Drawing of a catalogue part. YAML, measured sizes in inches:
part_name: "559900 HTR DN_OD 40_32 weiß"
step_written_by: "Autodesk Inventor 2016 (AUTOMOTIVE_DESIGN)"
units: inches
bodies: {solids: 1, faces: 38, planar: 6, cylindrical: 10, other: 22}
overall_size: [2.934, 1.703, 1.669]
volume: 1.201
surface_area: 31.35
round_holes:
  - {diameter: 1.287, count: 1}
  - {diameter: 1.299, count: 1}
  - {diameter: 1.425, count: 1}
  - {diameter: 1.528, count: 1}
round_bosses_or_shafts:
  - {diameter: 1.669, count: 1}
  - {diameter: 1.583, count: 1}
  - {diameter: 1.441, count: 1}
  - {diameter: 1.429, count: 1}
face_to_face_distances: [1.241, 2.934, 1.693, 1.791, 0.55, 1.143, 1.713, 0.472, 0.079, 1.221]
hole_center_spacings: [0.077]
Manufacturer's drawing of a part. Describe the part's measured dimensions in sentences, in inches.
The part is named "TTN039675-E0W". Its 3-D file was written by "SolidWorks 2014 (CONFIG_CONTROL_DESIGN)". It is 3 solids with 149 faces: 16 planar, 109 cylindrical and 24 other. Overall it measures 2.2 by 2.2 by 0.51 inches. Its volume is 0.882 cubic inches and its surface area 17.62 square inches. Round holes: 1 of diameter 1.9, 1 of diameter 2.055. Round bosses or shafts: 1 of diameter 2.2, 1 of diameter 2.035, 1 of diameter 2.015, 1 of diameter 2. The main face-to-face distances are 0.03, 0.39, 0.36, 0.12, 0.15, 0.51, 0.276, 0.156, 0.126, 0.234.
^^^^^^^^^^^^^^^^
### ABOUT THIS EXERCISE
Check the data for the word "solids" and pull out the lines that have it.

### REPLY
bodies: {solids: 1, faces: 38, planar: 6, cylindrical: 10, other: 22}
The part is named "TTN039675-E0W". Its 3-D file was written by "SolidWorks 2014 (CONFIG_CONTROL_DESIGN)". It is 3 solids with 149 faces: 16 planar, 109 cylindrical and 24 other. Overall it measures 2.2 by 2.2 by 0.51 inches. Its volume is 0.882 cubic inches and its surface area 17.62 square inches. Round holes: 1 of diameter 1.9, 1 of diameter 2.055. Round bosses or shafts: 1 of diameter 2.2, 1 of diameter 2.035, 1 of diameter 2.015, 1 of diameter 2. The main face-to-face distances are 0.03, 0.39, 0.36, 0.12, 0.15, 0.51, 0.276, 0.156, 0.126, 0.234.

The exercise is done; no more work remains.